- **Task objective**
Return only the count of lines in the listing below where the word "linetype" appears.
○ ○ ○ ○ ○ ○ ○
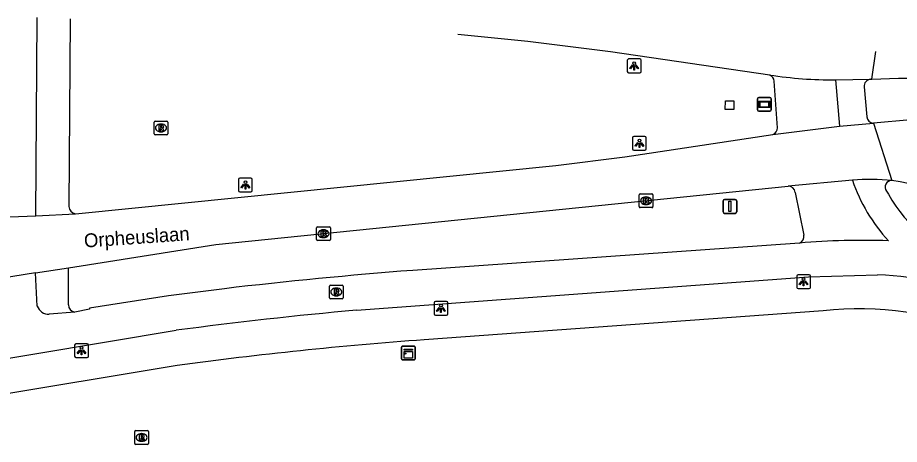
# Model space of a CAD drawing. Extents: x 161761 to 162722, y 384793 to 385405.
# Drawn here: x 161913.2 to 161977.1, y 385354.7 to 385385.6 of the extents above; entities that cross this region are included whole.
import ezdxf

# ---------------------------------------------------------------- set-up
doc = ezdxf.new("R2010")
doc.units = 0
for name, color, linetype in [('IMGEO_Berm_groen', 7, 'Continuous'), ('IMGEO_Fietspad_gesloten', 7, 'Continuous'), ('IMGEO_Kast', 7, 'Continuous'), ('IMGEO_Kolk', 7, 'Continuous'), ('IMGEO_Lichtpunt', 7, 'Continuous'), ('IMGEO_Openbare_ruimte_label', 7, 'Continuous'), ('IMGEO_Rijbaan_lokaal_gesloten', 7, 'Continuous'), ('IMGEO_Rioolput', 7, 'Continuous'), ('IMGEO_Straatnaambord', 7, 'Continuous'), ('IMGEO_Verkeersbordpaal', 7, 'Continuous'), ('IMGEO_Voetpad_open', 7, 'Continuous')]:
    doc.layers.add(name, color=color, linetype=linetype)

msp = doc.modelspace()

# ---------------------------------------------------------------- linework, layer by layer
at = {"layer": 'IMGEO_Berm_groen'}
msp.add_lwpolyline([(161964.504, 385379.586), (161965.1, 385379.595), (161965.105, 385378.974), (161964.466, 385378.952), (161964.504, 385379.586)], dxfattribs=at)
at = {"layer": 'IMGEO_Fietspad_gesloten'}
for points in [[(161914.544, 385371.27), (161914.64, 385385.619)], [(161972.454, 385381.101), (161972.759, 385377.761)], [(161974.546, 385380.611), (161974.742, 385378.438)], [(161976.151, 385373.042), (161976.299, 385372.83)], [(161969.866, 385369.286), (161941.846, 385367.307)], [(161914.653, 385364.708), (161914.537, 385367.119)], [(161937.781, 385364.42), (161970.497, 385366.829), (161975.511, 385366.99)], [(161928.204, 385365.982), (161924.166, 385365.467), (161918.434, 385364.558), (161918.442, 385364.486), (161917.367, 385364.291)], [(161917.367, 385364.291), (161915.514, 385364.129)], [(161909.275, 385360.387), (161924.722, 385362.965)]]:
    msp.add_lwpolyline(points, dxfattribs=at)
for centre, radius, start, end in [((161975.027, 385380.669), 0.484, 94.94392, 186.83642), ((161975.206, 385378.438), 0.464, 180.04152, 269.58683), ((161985.393, 385377.833), 12.367, 198.83171, 222.65699), ((161976.532, 385373.339), 0.483, 87.56385, 217.90438), ((161984.403, 385377.16), 9.188, 208.11884, 257.97269), ((161974.487, 385315.26), 54.223, 88.0859, 94.88867), ((161968.474, 385022.259), 346.074, 94.41287, 96.68221), ((161974.467, 385343.268), 23.745, 65.72803, 87.48046), ((161915.506, 385365.047), 0.918, 201.65335, 270.50705), ((161964.956, 385061.189), 304.447, 95.121, 97.59406)]:
    msp.add_arc(centre, radius, start, end, dxfattribs=at)
at = {"layer": 'IMGEO_Kast'}
for p, q in [((161941.029, 385360.894), (161941.029, 385361.735)), ((161941.029, 385361.735), (161941.029, 385360.894)), ((161941.104, 385361.819), (161941.945, 385361.819)), ((161941.945, 385361.819), (161941.104, 385361.819)), ((161942.029, 385361.744), (161942.029, 385360.903)), ((161942.029, 385360.903), (161942.029, 385361.744)), ((161941.954, 385360.819), (161941.113, 385360.819)), ((161941.113, 385360.819), (161941.954, 385360.819))]:
    msp.add_line(p, q, dxfattribs=at)
for points in [[(161941.224, 385361.609), (161941.824, 385361.609), (161941.824, 385361.524), (161941.224, 385361.524), (161941.224, 385361.609)], [(161941.224, 385361.434), (161941.824, 385361.434), (161941.824, 385360.945), (161941.224, 385360.945), (161941.224, 385361.434)]]:
    msp.add_lwpolyline(points, dxfattribs=at)
msp.add_circle((161941.308, 385361.283), 0.0377, dxfattribs=at)
for centre, start, end in [((161941.107, 385361.741), 92.4484, 184.28452), ((161941.107, 385361.741), 92.4484, 184.28452), ((161941.951, 385361.741), 2.4484, 94.28452), ((161941.951, 385361.741), 2.4484, 94.28452), ((161941.107, 385360.897), 182.4484, 274.28452), ((161941.107, 385360.897), 182.4484, 274.28452), ((161941.951, 385360.897), 272.4484, 4.28452), ((161941.951, 385360.897), 272.4484, 4.28452)]:
    msp.add_arc(centre, 0.0779, start, end, dxfattribs=at)
at = {"layer": 'IMGEO_Kolk'}
for p, q in [((161958.244, 385371.926), (161958.244, 385372.778)), ((161958.319, 385372.852), (161959.171, 385372.852)), ((161959.245, 385372.778), (161959.245, 385371.926)), ((161958.732, 385372.632), (161958.757, 385372.632)), ((161959.171, 385371.852), (161958.319, 385371.852)), ((161958.755, 385372.072), (161958.73, 385372.072)), ((161934.882, 385369.539), (161934.882, 385370.391)), ((161934.957, 385370.465), (161935.809, 385370.465)), ((161935.37, 385370.245), (161935.395, 385370.245)), ((161935.883, 385370.391), (161935.883, 385369.539)), ((161935.393, 385369.685), (161935.368, 385369.685)), ((161935.809, 385369.465), (161934.957, 385369.465))]:
    msp.add_line(p, q, dxfattribs=at)
for points in [[(161958.244, 385371.926), (161958.244, 385372.778)], [(161958.319, 385372.852), (161959.171, 385372.852)], [(161959.245, 385372.778), (161959.245, 385371.926)], [(161958.565, 385372.552), (161958.688, 385372.552), (161958.688, 385372.401), (161958.818, 385372.552), (161958.982, 385372.552), (161958.836, 385372.401), (161958.989, 385372.152), (161958.837, 385372.152), (161958.752, 385372.316), (161958.688, 385372.249), (161958.688, 385372.152), (161958.565, 385372.152), (161958.565, 385372.552)], [(161959.171, 385371.852), (161958.319, 385371.852)], [(161934.882, 385369.539), (161934.882, 385370.391)], [(161934.957, 385370.465), (161935.809, 385370.465)], [(161935.883, 385370.391), (161935.883, 385369.539)], [(161935.203, 385370.165), (161935.326, 385370.165), (161935.326, 385370.014), (161935.456, 385370.165), (161935.62, 385370.165), (161935.474, 385370.014), (161935.627, 385369.765), (161935.475, 385369.765), (161935.39, 385369.929), (161935.326, 385369.862), (161935.326, 385369.765), (161935.203, 385369.765), (161935.203, 385370.165)], [(161935.809, 385369.465), (161934.957, 385369.465)]]:
    msp.add_lwpolyline(points, dxfattribs=at)
for centre, start, end in [((161958.321, 385372.776), 91.55205, 178.44795), ((161958.321, 385372.776), 91.55205, 178.44795), ((161959.169, 385372.776), 1.55205, 88.44795), ((161959.169, 385372.776), 1.55205, 88.44795), ((161958.321, 385371.928), 181.55205, 268.44795), ((161958.321, 385371.928), 181.55205, 268.44795), ((161959.169, 385371.928), 271.55205, 358.44795), ((161959.169, 385371.928), 271.55205, 358.44795), ((161934.959, 385370.389), 91.55205, 178.44795), ((161934.959, 385370.389), 91.55205, 178.44795), ((161935.807, 385370.389), 1.55205, 88.44795), ((161935.807, 385370.389), 1.55205, 88.44795), ((161934.959, 385369.541), 181.55205, 268.44795), ((161934.959, 385369.541), 181.55205, 268.44795), ((161935.807, 385369.541), 271.55205, 358.44795), ((161935.807, 385369.541), 271.55205, 358.44795)]:
    msp.add_arc(centre, 0.0765, start, end, dxfattribs=at)
for centre, major_axis, ratio, start_param, end_param in [((161958.731, 385372.352), (-0.387, 0.002), 0.722429, 4.712389, 7.853982), ((161958.756, 385372.352), (-0.39, 0.002), 0.717154, 1.570796, 4.712389), ((161935.369, 385369.965), (-0.387, 0.002), 0.722429, 4.712389, 7.853982), ((161935.394, 385369.965), (-0.39, 0.002), 0.717154, 1.570796, 4.712389)]:
    msp.add_ellipse(centre, major_axis=major_axis, ratio=ratio, start_param=start_param, end_param=end_param, dxfattribs=at)
at = {"layer": 'IMGEO_Lichtpunt'}
for p, q in [((161957.386, 385382.527), (161957.386, 385381.72)), ((161957.386, 385382.527), (161957.386, 385381.72)), ((161958.288, 385382.622), (161957.48, 385382.622)), ((161958.288, 385382.622), (161957.48, 385382.622)), ((161958.382, 385381.72), (161958.382, 385382.527)), ((161958.382, 385381.72), (161958.382, 385382.527)), ((161957.48, 385381.626), (161958.288, 385381.626)), ((161957.48, 385381.626), (161958.288, 385381.626)), ((161957.764, 385376.919), (161957.764, 385376.112)), ((161957.764, 385376.919), (161957.764, 385376.112)), ((161958.666, 385377.014), (161957.858, 385377.014)), ((161958.666, 385377.014), (161957.858, 385377.014)), ((161958.76, 385376.112), (161958.76, 385376.919)), ((161958.76, 385376.112), (161958.76, 385376.919)), ((161957.858, 385376.018), (161958.666, 385376.018)), ((161957.858, 385376.018), (161958.666, 385376.018)), ((161929.227, 385373.901), (161929.227, 385373.094)), ((161929.227, 385373.901), (161929.227, 385373.094)), ((161930.129, 385373.996), (161929.321, 385373.996)), ((161930.129, 385373.996), (161929.321, 385373.996)), ((161930.223, 385373.094), (161930.223, 385373.901)), ((161930.223, 385373.094), (161930.223, 385373.901)), ((161929.321, 385373), (161930.129, 385373)), ((161929.321, 385373), (161930.129, 385373)), ((161969.653, 385366.884), (161969.653, 385366.077)), ((161969.653, 385366.884), (161969.653, 385366.077)), ((161970.555, 385366.979), (161969.747, 385366.979)), ((161970.555, 385366.979), (161969.747, 385366.979)), ((161970.649, 385366.077), (161970.649, 385366.884)), ((161970.649, 385366.077), (161970.649, 385366.884)), ((161969.747, 385365.983), (161970.555, 385365.983)), ((161969.747, 385365.983), (161970.555, 385365.983)), ((161943.392, 385364.958), (161943.392, 385364.151)), ((161943.392, 385364.958), (161943.392, 385364.151)), ((161944.294, 385365.053), (161943.486, 385365.053)), ((161944.294, 385365.053), (161943.486, 385365.053)), ((161944.388, 385364.151), (161944.388, 385364.958)), ((161944.388, 385364.151), (161944.388, 385364.958)), ((161943.486, 385364.057), (161944.294, 385364.057)), ((161943.486, 385364.057), (161944.294, 385364.057)), ((161918.265, 385361.993), (161917.457, 385361.993)), ((161918.265, 385361.993), (161917.457, 385361.993)), ((161917.363, 385361.898), (161917.363, 385361.091)), ((161917.363, 385361.898), (161917.363, 385361.091)), ((161918.359, 385361.091), (161918.359, 385361.898)), ((161918.359, 385361.091), (161918.359, 385361.898)), ((161917.457, 385360.997), (161918.265, 385360.997)), ((161917.457, 385360.997), (161918.265, 385360.997))]:
    msp.add_line(p, q, dxfattribs=at)
for points in [[(161957.76, 385382.191), (161957.799, 385382.163), (161957.611, 385381.901), (161957.573, 385381.928), (161957.76, 385382.191)], [(161957.862, 385382.143), (161957.909, 385382.143), (161957.909, 385381.821), (161957.862, 385381.821), (161957.862, 385382.143)], [(161957.972, 385382.163), (161958.01, 385382.19), (161958.197, 385381.928), (161958.158, 385381.9), (161957.972, 385382.163)], [(161958.138, 385376.583), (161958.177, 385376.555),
○ ○ ○ ○ ○ ○ ○
- **Expected answer**
2